(Beginning of Materials provided)

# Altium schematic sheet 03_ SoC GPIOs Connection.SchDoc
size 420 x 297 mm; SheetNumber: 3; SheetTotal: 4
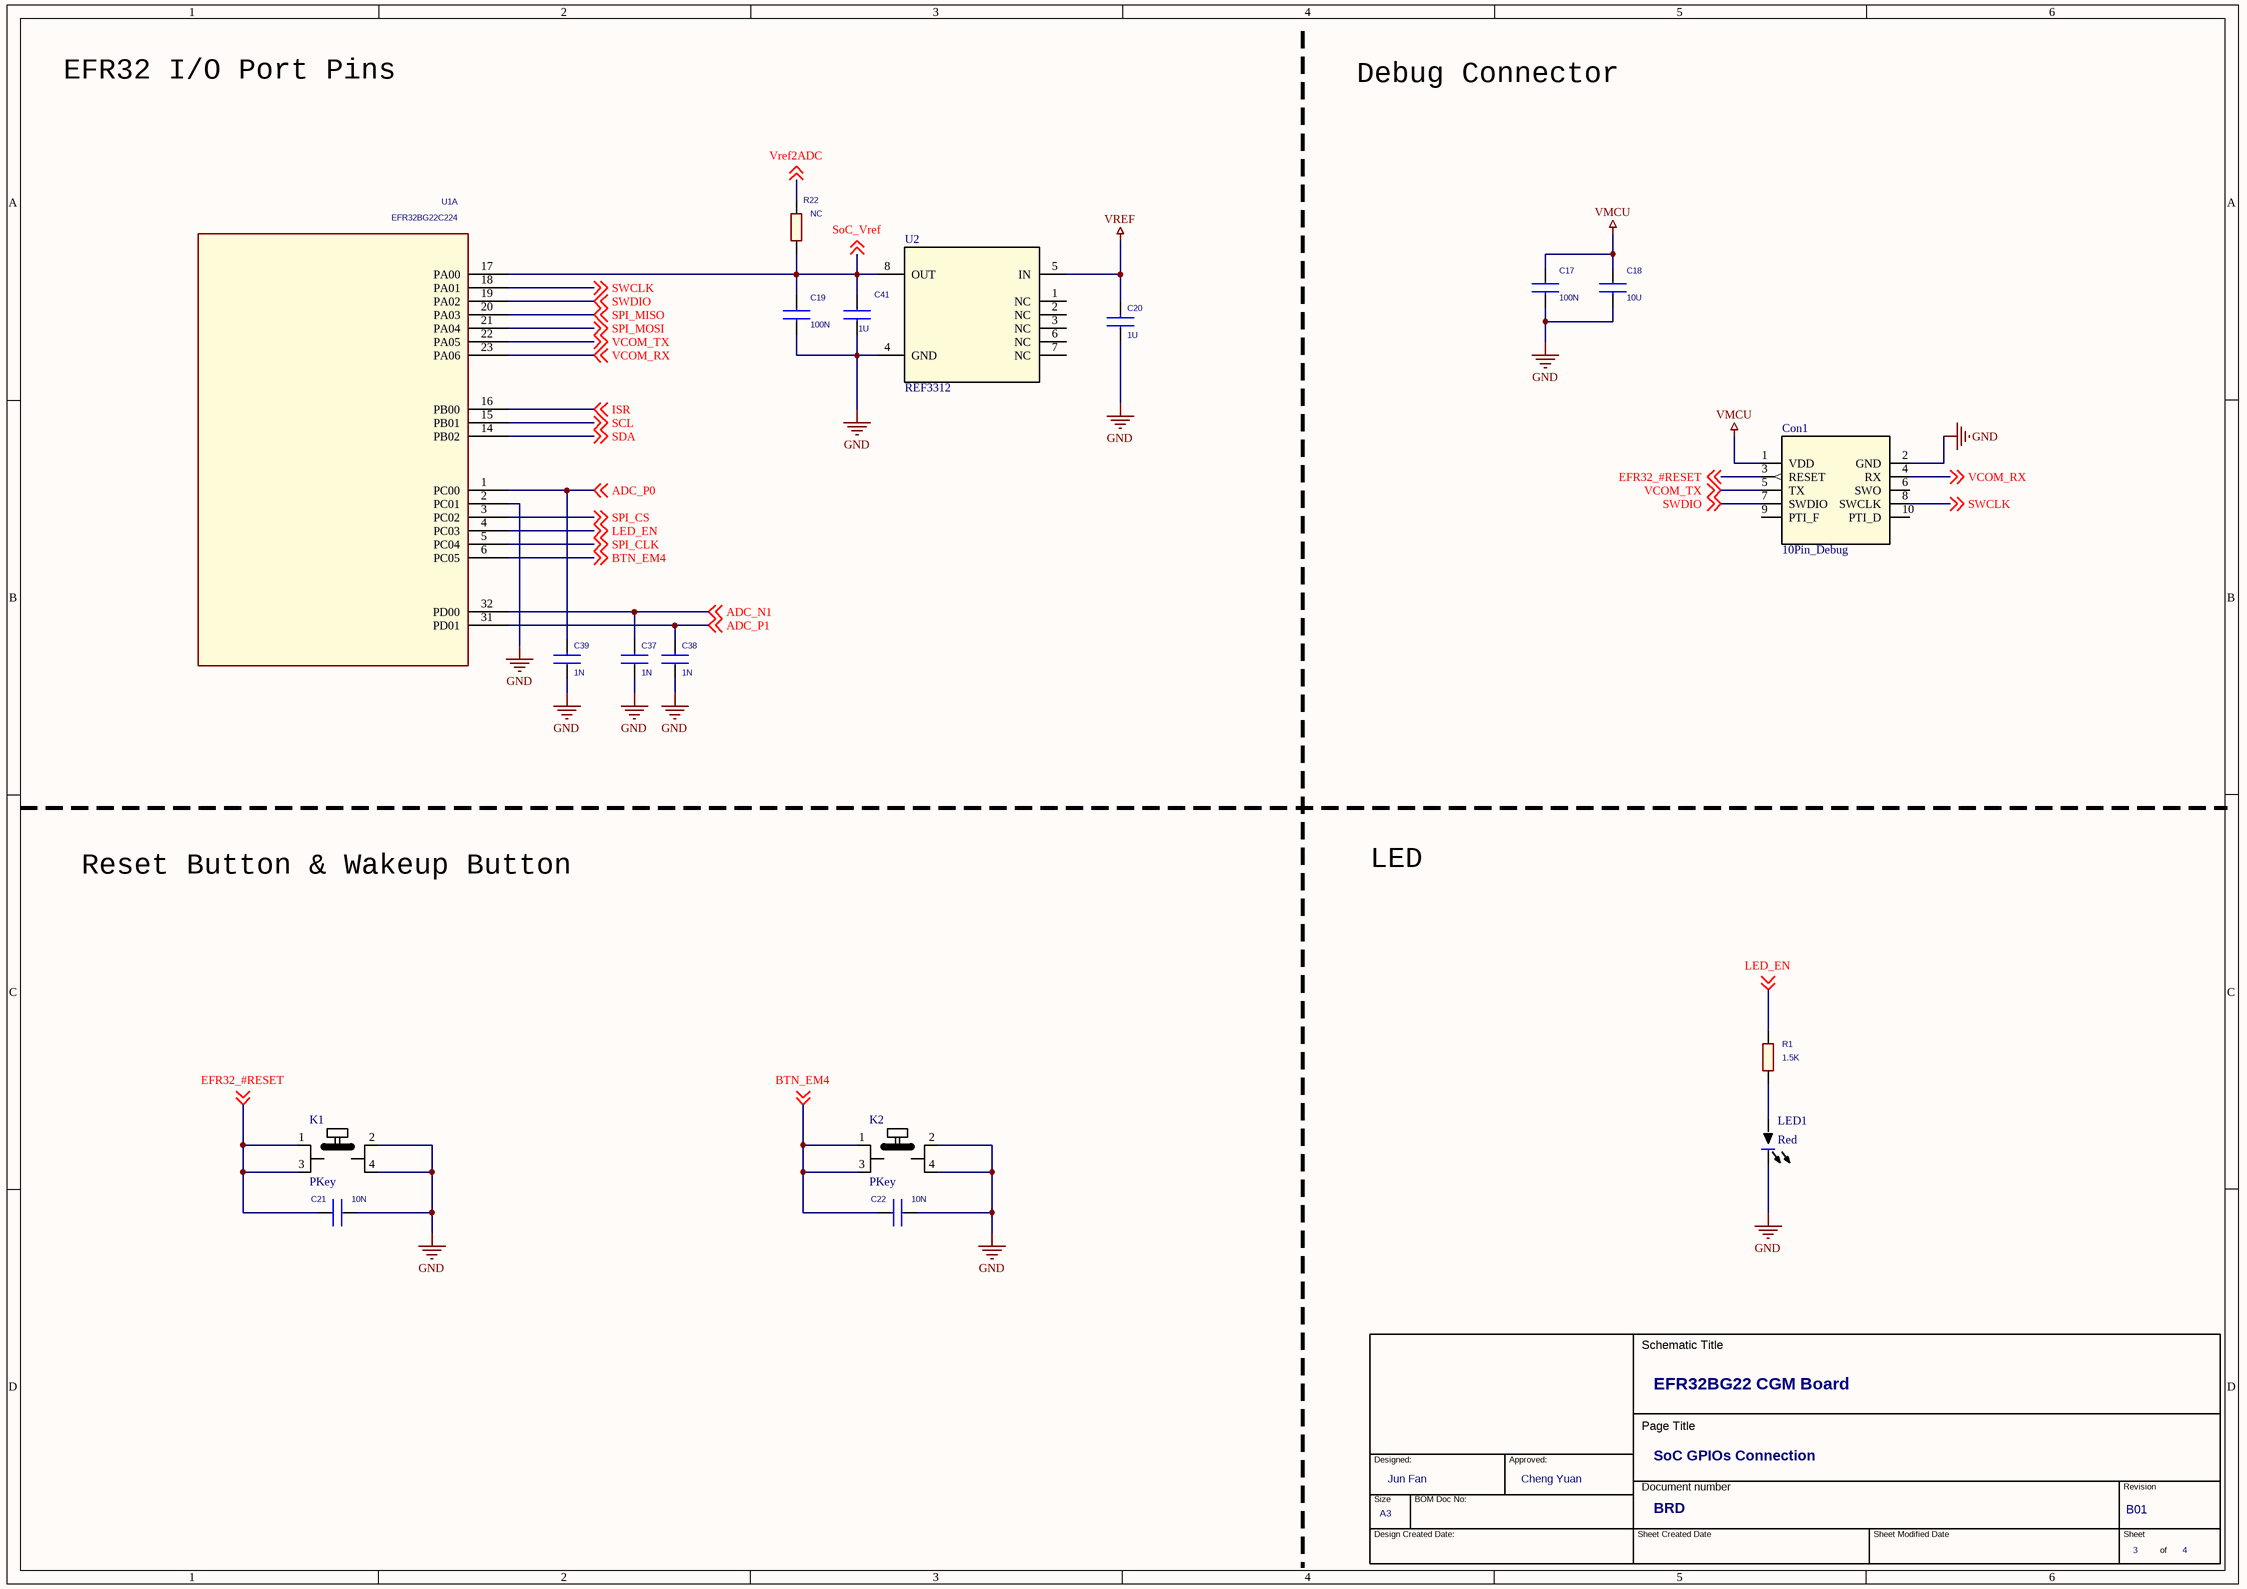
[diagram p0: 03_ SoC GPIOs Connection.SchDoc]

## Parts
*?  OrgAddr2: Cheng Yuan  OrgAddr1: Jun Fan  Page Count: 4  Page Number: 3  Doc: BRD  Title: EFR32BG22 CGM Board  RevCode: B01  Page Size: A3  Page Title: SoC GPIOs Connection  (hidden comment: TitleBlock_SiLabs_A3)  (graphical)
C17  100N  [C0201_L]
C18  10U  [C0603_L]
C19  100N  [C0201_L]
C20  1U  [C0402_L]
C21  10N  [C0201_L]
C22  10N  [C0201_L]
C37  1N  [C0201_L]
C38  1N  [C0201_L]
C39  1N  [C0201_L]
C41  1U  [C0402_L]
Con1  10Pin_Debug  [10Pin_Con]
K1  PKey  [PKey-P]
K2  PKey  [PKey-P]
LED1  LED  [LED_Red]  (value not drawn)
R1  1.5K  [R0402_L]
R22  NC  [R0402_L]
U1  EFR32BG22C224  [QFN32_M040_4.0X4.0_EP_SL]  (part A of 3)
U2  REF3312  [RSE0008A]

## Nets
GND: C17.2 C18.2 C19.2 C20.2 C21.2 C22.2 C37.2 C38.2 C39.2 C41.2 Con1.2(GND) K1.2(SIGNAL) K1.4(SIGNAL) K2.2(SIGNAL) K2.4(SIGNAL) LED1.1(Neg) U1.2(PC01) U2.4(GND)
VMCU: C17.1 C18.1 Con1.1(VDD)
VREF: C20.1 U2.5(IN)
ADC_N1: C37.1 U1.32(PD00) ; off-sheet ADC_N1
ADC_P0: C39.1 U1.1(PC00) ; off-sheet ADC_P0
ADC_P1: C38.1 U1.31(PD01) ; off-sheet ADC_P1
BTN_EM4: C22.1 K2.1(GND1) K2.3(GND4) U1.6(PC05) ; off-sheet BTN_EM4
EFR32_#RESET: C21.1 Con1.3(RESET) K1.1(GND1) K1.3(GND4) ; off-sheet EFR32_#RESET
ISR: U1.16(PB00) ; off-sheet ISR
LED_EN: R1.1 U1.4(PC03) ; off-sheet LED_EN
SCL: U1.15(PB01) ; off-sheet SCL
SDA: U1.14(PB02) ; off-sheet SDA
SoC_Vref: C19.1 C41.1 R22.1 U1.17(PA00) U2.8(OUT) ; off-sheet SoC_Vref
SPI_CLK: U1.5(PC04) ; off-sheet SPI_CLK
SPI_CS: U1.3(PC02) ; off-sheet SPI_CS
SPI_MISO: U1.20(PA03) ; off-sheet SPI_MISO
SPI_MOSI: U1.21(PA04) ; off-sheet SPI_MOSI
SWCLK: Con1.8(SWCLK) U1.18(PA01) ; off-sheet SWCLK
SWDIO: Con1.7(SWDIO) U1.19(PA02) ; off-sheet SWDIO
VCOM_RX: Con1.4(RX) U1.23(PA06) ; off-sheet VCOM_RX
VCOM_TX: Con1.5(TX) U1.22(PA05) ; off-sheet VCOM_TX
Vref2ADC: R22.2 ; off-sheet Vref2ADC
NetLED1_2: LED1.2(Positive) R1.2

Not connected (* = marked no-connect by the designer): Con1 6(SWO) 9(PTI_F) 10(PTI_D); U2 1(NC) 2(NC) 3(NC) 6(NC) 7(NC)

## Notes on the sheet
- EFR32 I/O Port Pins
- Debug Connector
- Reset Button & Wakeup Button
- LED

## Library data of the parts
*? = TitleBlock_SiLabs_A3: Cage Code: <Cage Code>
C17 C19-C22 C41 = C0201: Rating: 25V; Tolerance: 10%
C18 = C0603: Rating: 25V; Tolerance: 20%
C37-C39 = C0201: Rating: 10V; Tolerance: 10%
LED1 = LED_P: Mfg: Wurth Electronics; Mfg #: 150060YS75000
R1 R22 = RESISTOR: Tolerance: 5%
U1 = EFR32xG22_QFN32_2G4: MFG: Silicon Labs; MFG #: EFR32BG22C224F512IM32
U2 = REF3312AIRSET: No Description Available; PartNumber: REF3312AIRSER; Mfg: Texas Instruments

(End of Materials provided)

= Required work =
Extract from the records above the lines from the one containing "VMCU: C17.1 C18.1 Con1.1(VDD)" to the one containing "BTN_EM4: C22.1 K2.1(GND1)", both lines included, exactly as they appear and with nothing else.

= Task response =
VMCU: C17.1 C18.1 Con1.1(VDD)
VREF: C20.1 U2.5(IN)
ADC_N1: C37.1 U1.32(PD00) ; off-sheet ADC_N1
ADC_P0: C39.1 U1.1(PC00) ; off-sheet ADC_P0
ADC_P1: C38.1 U1.31(PD01) ; off-sheet ADC_P1
BTN_EM4: C22.1 K2.1(GND1) K2.3(GND4) U1.6(PC05) ; off-sheet BTN_EM4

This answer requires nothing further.